Tuesday, 26 March 2013

Roman Empress - An interview with Manda Scott

Manda Scott is the best selling author set in the Ancient Roman Empire.  Her latest novel "Rome: The Art of War" is released in the UK on 28th March.  I have had the pleasure of previewing the novel (my review can be read here) but Manda has also given me an exclusive interview in which she gives an insight into how the world of Pantera, the spymaster, was created.

Manda, welcome to Sir Read-A-Lot...... 
Q: The Art of War is billed as a Roman-era spy thriller.  What can you tell us about spies and spying in the ancient world? 

A: How long have you got? (!).   The first written reference we have comes from China, in the Art of War treatise by Sun Tzu from which I took the title, and the part titles.  Sun Tzu wrote his treatise on the Art of War in the late ‘Spring and Autumn period’ of Chinese imperial history (around 500BC), and he devoted part of the thirteenth book (of 13) to spies. 

Central to his argument (essentially he thought good intelligence made armies more effective and save lives) he created five categories of spies:
1)     Local Spies – basic informants
2)     Internal Spies or Moles
3)     Double Agents – agents of the enemy
4)     Doomed Spies (also, sacrificed spies)
5)     Surviving Spies – the heroic agents who risk their lives for information: most of our books revolve around these.
Nobody has ever said it better.  To put it in context, Rose Mary Sheldon, Professor of History at the Virginia Military Institute says, ‘Espionage is practiced occasionally by spies, and all the time by neighbours, relatives and colleagues.’  We all want information, it’s what we do with it that counts.
In the ancient world, the limiting factor was distance and the time it took to travel.  Walking was slow, riding was a bit faster.  Xerxes had set up a ‘Pony Express’ messenger service where a series of men waited at waystations and took messages on one from the other in a relay.  The Romans went one better and posted way stations with horses, but the same man rode from beginning to end, which meant that he could carry additional information on top of what was written down.  The very best of these could go 200 miles in one day – Tiberius is supposed to have done that when he went to the side of the dying Germanicus – but it wasn’t common.  The only fast method of sending information was carrier pigeon but even using codes, these could only transmit very basic information or orders. 

The second question is how to protect your information.  Modern codes and ciphers are fantastically complex; they have to be so because computers can break any but the most complicated codes and have done so ever since the pioneering work of the Colossus and Enigma machines at Bletchley Park.   

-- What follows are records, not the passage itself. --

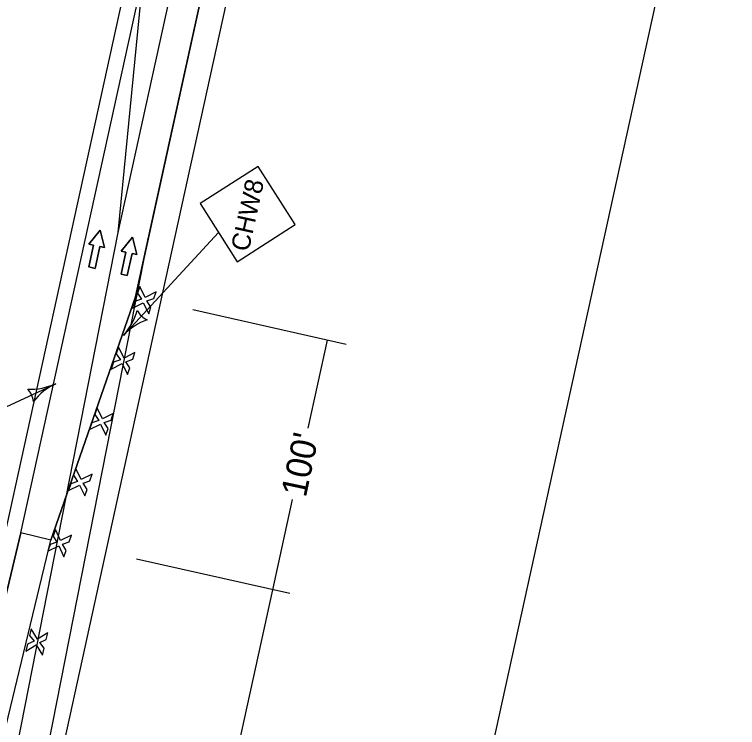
# Model space of a CAD drawing. Extents: x 14104283 to 14121738, y 8635219 to 8671666.
# Drawn here: x 14108149.2 to 14108432.3, y 8640616.4 to 8640895.4 of the extents above; entities that cross this region are included whole.
import ezdxf

# ---------------------------------------------------------------- set-up
doc = ezdxf.new("R2010")
doc.units = 0
for name, color, linetype in [('Cell', 7, 'Continuous'), ('Default', 7, 'Continuous'), ('dsnNonPlotable', 7, 'Continuous'), ('dsnPaintExistingBrokenLaneLineWhite', 7, 'Continuous'), ('dsnPaintExistingEdgeLineRightWhite', 7, 'Continuous'), ('dsnPaintPlaceEdgeLineLeftYellow', 7, 'Continuous'), ('dsnStdLabel', 7, 'Continuous'), ('dsnStgShadingPrevPav', 7, 'Continuous'), ('dsnTapePlaceChannelizingLaneWhite', 7, 'Continuous'), ('dsnTapePlaceChannelizingLaneYellow', 7, 'Continuous'), ('dsnTapeRemoveChannelizingWhite', 7, 'Continuous'), ('dsnTapeRemoveChannelizingYellow', 7, 'Continuous')]:
    doc.layers.add(name, color=color, linetype=linetype)

msp = doc.modelspace()

# ---------------------------------------------------------------- linework, layer by layer
at = {"layer": 'Cell'}
for p, q in [((14108198.23, 8640788.99), (14108197.35, 8640786.39)), ((14108200.35, 8640784.72), (14108198.23, 8640788.99)), ((14108204.62, 8640786.83), (14108200.35, 8640784.72)), ((14108203.74, 8640784.23), (14108204.62, 8640786.83)), ((14108198.92, 8640784.01), (14108196.23, 8640783.07)), ((14108197.35, 8640786.39), (14108198.92, 8640784.01)), ((14108201.05, 8640783.29), (14108203.74, 8640784.23)), ((14108196.23, 8640783.07), (14108195.35, 8640780.47)), ((14108195.35, 8640780.47), (14108199.63, 8640782.58)), ((14108199.63, 8640782.58), (14108201.74, 8640778.31)), ((14108202.62, 8640780.91), (14108201.05, 8640783.29)), ((14108201.74, 8640778.31), (14108202.62, 8640780.91)), ((14108189.93, 8640765.22), (14108189.07, 8640762.61)), ((14108192.08, 8640760.96), (14108189.93, 8640765.22)), ((14108189.07, 8640762.61), (14108190.65, 8640760.24)), ((14108196.34, 8640763.1), (14108192.08, 8640760.96)), ((14108195.48, 8640760.49), (14108196.34, 8640763.1)), ((14108187.97, 8640759.29), (14108187.1, 8640756.68)), ((14108187.1, 8640756.68), (14108191.37, 8640758.82)), ((14108190.65, 8640760.24), (14108187.97, 8640759.29)), ((14108191.37, 8640758.82), (14108193.51, 8640754.55)), ((14108192.79, 8640759.53), (14108195.48, 8640760.49)), ((14108194.37, 8640757.16), (14108192.79, 8640759.53)), ((14108193.51, 8640754.55), (14108194.37, 8640757.16)), ((14108181.51, 8640741.48), (14108180.62, 8640738.87)), ((14108183.62, 8640737.19), (14108181.51, 8640741.48)), ((14108180.62, 8640738.87), (14108182.19, 8640736.49)), ((14108187.9, 8640739.3), (14108183.62, 8640737.19)), ((14108187.01, 8640736.7), (14108187.9, 8640739.3)), ((14108179.5, 8640735.56), (14108178.61, 8640732.96)), ((14108182.19, 8640736.49), (14108179.5, 8640735.56)), ((14108184.32, 8640735.77), (14108187.01, 8640736.7)), ((14108185.89, 8640733.38), (14108184.32, 8640735.77)), ((14108178.61, 8640732.96), (14108182.89, 8640735.06)), ((14108182.89, 8640735.06), (14108185, 8640730.78)), ((14108185, 8640730.78), (14108185.89, 8640733.38)), ((14108173.25, 8640717.69), (14108172.36, 8640715.09)), ((14108175.35, 8640713.4), (14108173.25, 8640717.69)), ((14108172.36, 8640715.09), (14108173.92, 8640712.71)), ((14108179.64, 8640715.5), (14108175.35, 8640713.4)), ((14108176.04, 8640711.97), (14108178.74, 8640712.9)), ((14108178.74, 8640712.9), (14108179.64, 8640715.5)), ((14108171.22, 8640711.78), (14108170.33, 8640709.18)), ((14108170.33, 8640709.18), (14108174.62, 8640711.28)), ((14108173.92, 8640712.71), (14108171.22, 8640711.78)), ((14108174.62, 8640711.28), (14108176.71, 8640706.99)), ((14108177.6, 8640709.59), (14108176.04, 8640711.97)), ((14108176.71, 8640706.99), (14108177.6, 8640709.59)), ((14108165.21, 8640693.86), (14108164.29, 8640691.27)), ((14108167.27, 8640689.56), (14108165.21, 8640693.86)), ((14108164.29, 8640691.27), (14108165.83, 8640688.87)), ((14108171.57, 8640691.61), (14108167.27, 8640689.56)), ((14108170.66, 8640689.02), (14108171.57, 8640691.61)), ((14108163.13, 8640687.97), (14108162.21, 8640685.38)), ((14108162.21, 8640685.38), (14108166.52, 8640687.44)), ((14108165.83, 8640688.87), (14108163.13, 8640687.97)), ((14108166.52, 8640687.44), (14108168.57, 8640683.13)), ((14108167.95, 8640688.12), (14108170.66, 8640689.02)), ((14108169.49, 8640685.72), (14108167.95, 8640688.12)), ((14108168.57, 8640683.13), (14108169.49, 8640685.72)), ((14108155.74, 8640655.06), (14108155.1, 8640652.39)), ((14108158.23, 8640650.98), (14108155.74, 8640655.06)), ((14108162.3, 8640653.47), (14108158.23, 8640650.98)), ((14108161.66, 8640650.8), (14108162.3, 8640653.47)), ((14108155.1, 8640652.39), (14108156.87, 8640650.15)), ((14108159.06, 8640649.63), (14108161.66, 8640650.8)), ((14108154.27, 8640648.98), (14108153.63, 8640646.31)), ((14108153.63, 8640646.31), (14108157.7, 8640648.8)), ((14108156.87, 8640650.15), (14108154.27, 8640648.98)), ((14108157.7, 8640648.8), (14108160.19, 8640644.72)), ((14108160.83, 8640647.4), (14108159.06, 8640649.63)), ((14108160.19, 8640644.72), (14108160.83, 8640647.4))]:
    msp.add_line(p, q, dxfattribs=at)
for points in [[(14108180.75, 8640796.06), (14108178.31, 8640796.6), (14108180.19, 8640805.14), (14108178.36, 8640805.55), (14108182.76, 8640810.98), (14108184.46, 8640804.2), (14108182.63, 8640804.61)], [(14108193.37, 8640793.29), (14108190.92, 8640793.83), (14108192.81, 8640802.37), (14108190.98, 8640802.78), (14108195.38, 8640808.21), (14108197.08, 8640801.43), (14108195.25, 8640801.83)]]:
    msp.add_lwpolyline(points, close=True, dxfattribs=at)
for points in [[(14108182.63, 8640804.61), (14108184.46, 8640804.2), (14108182.76, 8640810.98), (14108178.36, 8640805.55), (14108180.19, 8640805.14), (14108178.31, 8640796.6), (14108180.75, 8640796.06), (14108182.63, 8640804.61)], [(14108195.25, 8640801.83), (14108197.08, 8640801.43), (14108195.38, 8640808.21), (14108190.98, 8640802.78), (14108192.81, 8640802.37), (14108190.92, 8640793.83), (14108193.37, 8640793.29), (14108195.25, 8640801.83)]]:
    msp.add_lwpolyline(points, dxfattribs=at)
at = {"layer": 'Default'}
for p, q in [((14108723.98, 8643185.75), (14108196.58, 8640784.95)), ((14108151.72, 8640692.57), (14108294.65, 8641343.23)), ((14108196.58, 8640784.95), (14108163.38, 8640689.76)), ((14108151.72, 8640692.57), (14108081.5, 8640400.87)), ((14108163.38, 8640689.76), (14108151.72, 8640692.57)), ((14108163.38, 8640689.76), (14108151.72, 8640692.57)), ((14108093.19, 8640398.18), (14108163.38, 8640689.76))]:
    msp.add_line(p, q, dxfattribs=at)
at = {"layer": 'dsnNonPlotable'}
msp.add_lwpolyline([(14107651.31, 8639844.94), (14107987.7, 8641375.92), (14108480.93, 8641267.54), (14108144.54, 8639736.56)], close=True, dxfattribs=at)
at = {"layer": 'dsnPaintExistingBrokenLaneLineWhite'}
msp.add_line((14108189.82, 8640810.08), (14108306.37, 8641340.66), dxfattribs=at)
at = {"layer": 'dsnPaintExistingEdgeLineRightWhite'}
for p, q in [((14108201.57, 8640807.63), (14108723.98, 8643185.75)), ((14108196.58, 8640784.95), (14108201.57, 8640807.63))]:
    msp.add_line(p, q, dxfattribs=at)
at = {"layer": 'dsnPaintPlaceEdgeLineLeftYellow'}
msp.add_line((14108151.72, 8640692.57), (14108199.55, 8640910.32), dxfattribs=at)
at = {"layer": 'dsnStdLabel'}
for p, q in [((14108229.11, 8640810.06), (14108191.85, 8640769.83)), ((14108279.03, 8640766.32), (14108219.06, 8640779.87)), ((14108264.25, 8640733.54), (14108271.81, 8640767.95)), ((14108138.22, 8640738.34), (14108165.33, 8640750.93)), ((14108250.34, 8640670.22), (14108258.11, 8640705.58)), ((14108256.99, 8640668.78), (14108197.02, 8640682.33)), ((14108185.98, 8640377.23), (14108250.34, 8640670.22))]:
    msp.add_line(p, q, dxfattribs=at)
msp.add_lwpolyline([(14108236.39, 8640798.68), (14108259.13, 8640813.23), (14108244.58, 8640835.98), (14108221.84, 8640821.43)], close=True, dxfattribs=at)
for centre, radius, start, end in [((14108175.02, 8640785.42), 22.95, 317.1934, 345.2647), ((14108204.93, 8640783.95), 8.86, 209.4593, 244.9277), ((14108208.69, 8640754.24), 22.95, 109.1223, 137.1936), ((14108155.66, 8640771.74), 22.95, 266.8399, 294.9112), ((14108175, 8640730.11), 22.95, 114.9111, 142.9824), ((14108147.88, 8640742.82), 8.86, 7.1769, 42.6454)]:
    msp.add_arc(centre, radius, start, end, dxfattribs=at)
at = {"layer": 'dsnStgShadingPrevPav'}
msp.add_lwpolyline([(14108081.5, 8640400.87), (14108123.34, 8640591.33), (14108126.55, 8640605.98), (14108216.67, 8641016.2), (14108268.16, 8641250.61), (14108382.95, 8641773.15), (14108422.02, 8641764.57), (14108309.38, 8641251.8), (14108270.22, 8641073.55), (14108265.93, 8641054.01), (14108255.74, 8641007.62), (14108202.1, 8640763.44), (14108120.56, 8640392.29)], close=True, dxfattribs=at)
at = {"layer": 'dsnTapePlaceChannelizingLaneWhite'}
for p, q in [((14108163.38, 8640689.76), (14108196.58, 8640784.95)), ((14108093.19, 8640398.18), (14108163.38, 8640689.76))]:
    msp.add_line(p, q, dxfattribs=at)
at = {"layer": 'dsnTapePlaceChannelizingLaneYellow'}
msp.add_line((14108081.5, 8640400.87), (14108151.72, 8640692.57), dxfattribs=at)
at = {"layer": 'dsnTapeRemoveChannelizingWhite'}
msp.add_line((14108143.57, 8640513.35), (14108201.59, 8640807.75), dxfattribs=at)
at = {"layer": 'dsnTapeRemoveChannelizingYellow'}
for p, q in [((14108189.82, 8640810.08), (14108199.55, 8640910.32)), ((14108131.8, 8640515.67), (14108189.82, 8640810.08))]:
    msp.add_line(p, q, dxfattribs=at)

# ---------------------------------------------------------------- texts
at = {"layer": 'dsnStdLabel'}
for s, height, rotation, p in [('CHW8', 7.2, 77.6078, (14108240.87, 8640802.31)), ("100'", 10, 78.0531, (14108263.27, 8640706.11))]:
    msp.add_text(s, height=height, rotation=rotation, dxfattribs=at).set_placement(p)

doc.saveas('drawing.dxf')

In the ancient world, codes and ciphers could be simpler.  Julius Caesar wrote an entire book on the subject which sadly doesn’t remain, but we know he used simple letter substitution ciphers (A-> B, B-> C etc. etc.) and he may well have used more complicated variants on that theme.  Other men used belts that could be wound around dowels of particular diameter and only then read linearly. One ruler went so far as to shave the head of a slave and have his message tattooed on his scalp, then let the slave’s hair grow back! I hope it wasn't urgent!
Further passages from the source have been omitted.